## What the task requires
Nothing may be left out of the listing below but its images; repeat the rest exactly.

Segment Start: Record extracts

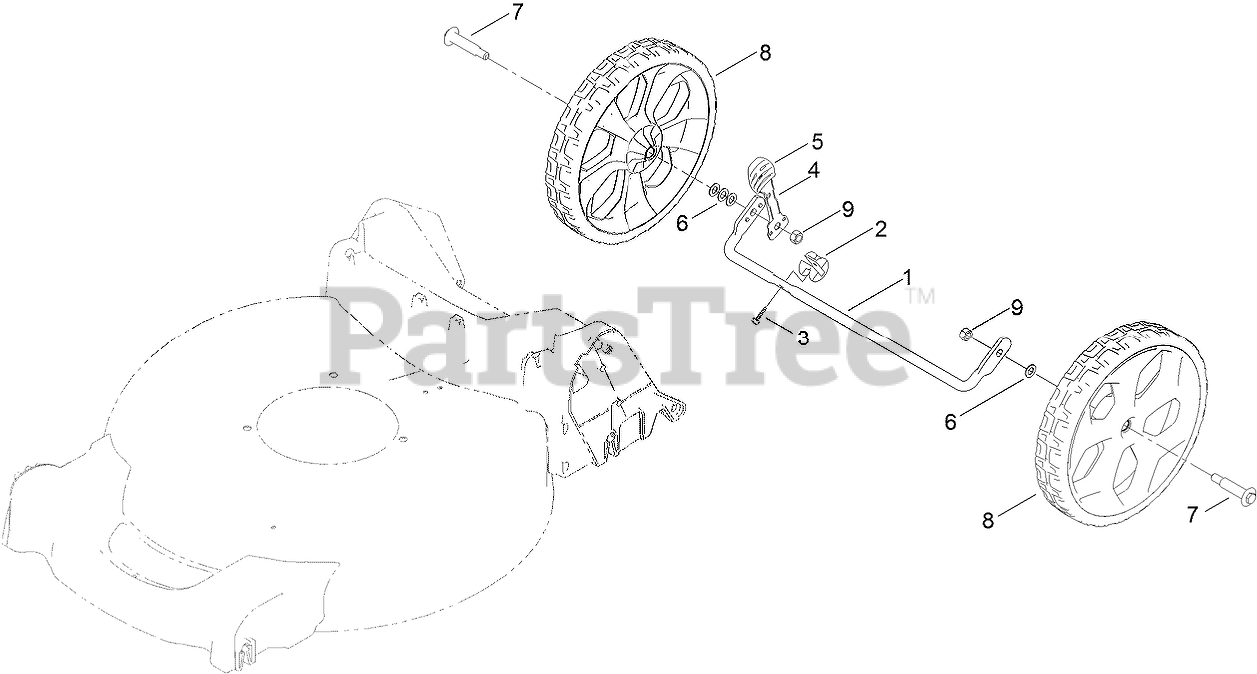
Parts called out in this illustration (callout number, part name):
1	AXLE-REAR
2	STOP-AXLE
3	SCREW-HWH
4	ARM-SPRING, REAR
5	KNOB-LEVER, HOC
6	WASHER
7	BOLT-SHOULDER
8	11 INCH WHEEL ASM
9	LOCKNUT
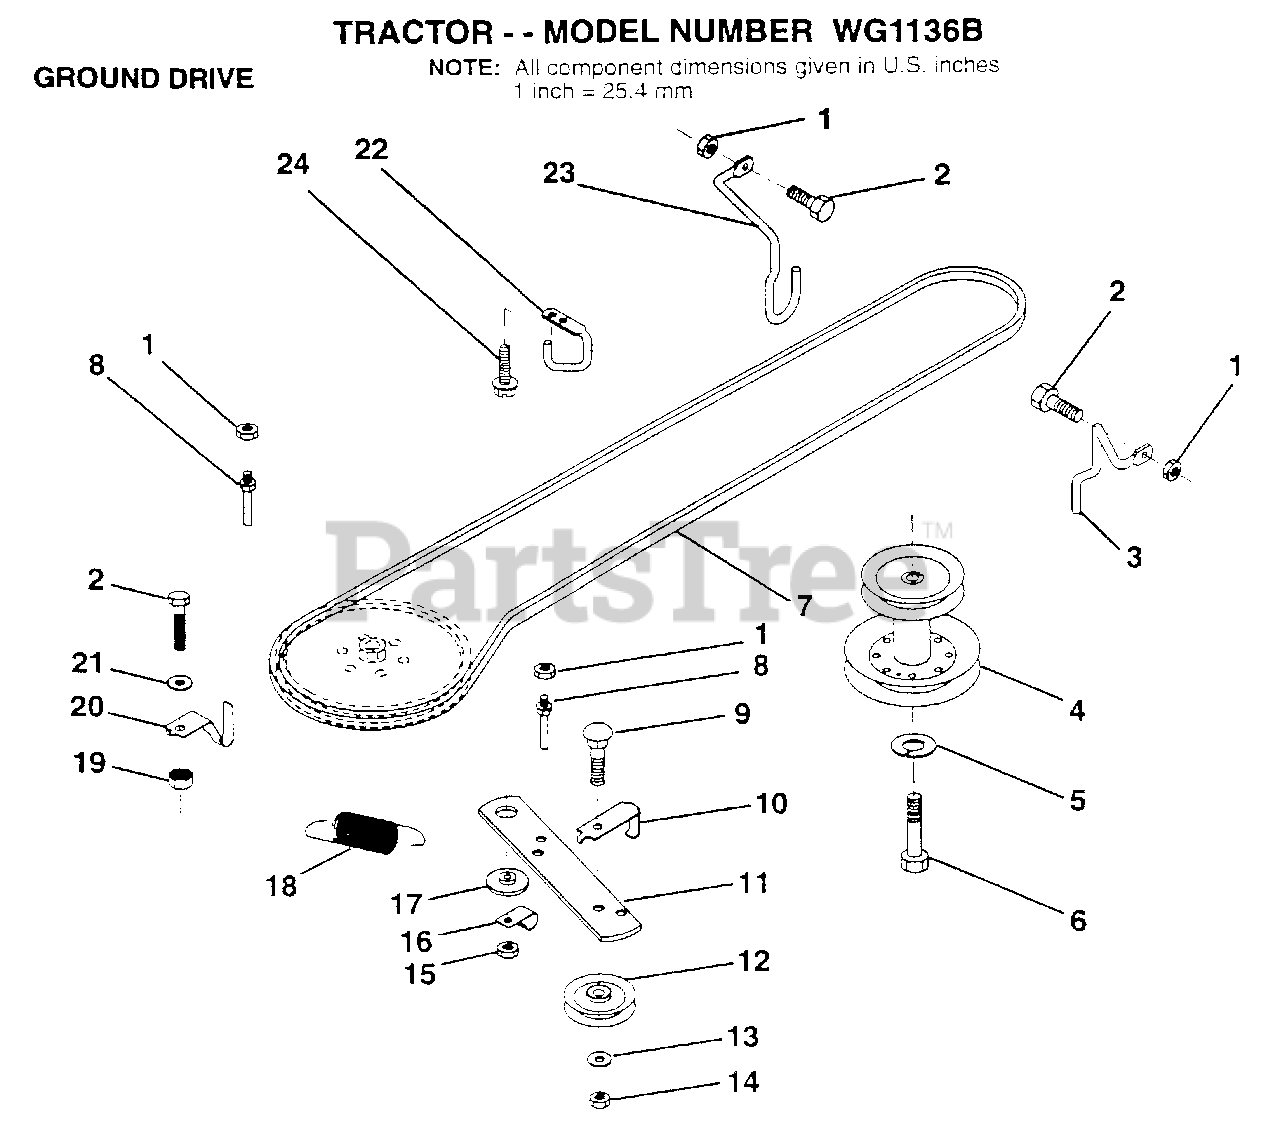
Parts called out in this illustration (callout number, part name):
2	BOLT
3	KEEPER RH
4	PULLEY.ENGINE.LR
5	LOCKWASHER
6	HEX BOLT
7	BELT
8	"KEEPER,DRIVE BELT"
9	BOLT
10	"KEEP,IDLER DR BEL"
11	ARM IDLER CLUT GD
12	PULLEY.IDLER.FLAT
13	WASHER
14	LOCKNUT
16	"CLIP,INSULATOR"
17	SPACER RETAINER
20	KEEPER.BELT.T/A
21	WASHER
22	"KEEPER,FRA DR BEL"
23	KEEPER MOWER LH
24	SCREW

Segment End: Record extracts

## Answer space
Parts called out in this illustration (callout number, part name):
1	AXLE-REAR
2	STOP-AXLE
3	SCREW-HWH
4	ARM-SPRING, REAR
5	KNOB-LEVER, HOC
6	WASHER
7	BOLT-SHOULDER
8	11 INCH WHEEL ASM
9	LOCKNUT
Parts called out in this illustration (callout number, part name):
2	BOLT
3	KEEPER RH
4	PULLEY.ENGINE.LR
5	LOCKWASHER
6	HEX BOLT
7	BELT
8	"KEEPER,DRIVE BELT"
9	BOLT
10	"KEEP,IDLER DR BEL"
11	ARM IDLER CLUT GD
12	PULLEY.IDLER.FLAT
13	WASHER
14	LOCKNUT
16	"CLIP,INSULATOR"
17	SPACER RETAINER
20	KEEPER.BELT.T/A
21	WASHER
22	"KEEPER,FRA DR BEL"
23	KEEPER MOWER LH
24	SCREW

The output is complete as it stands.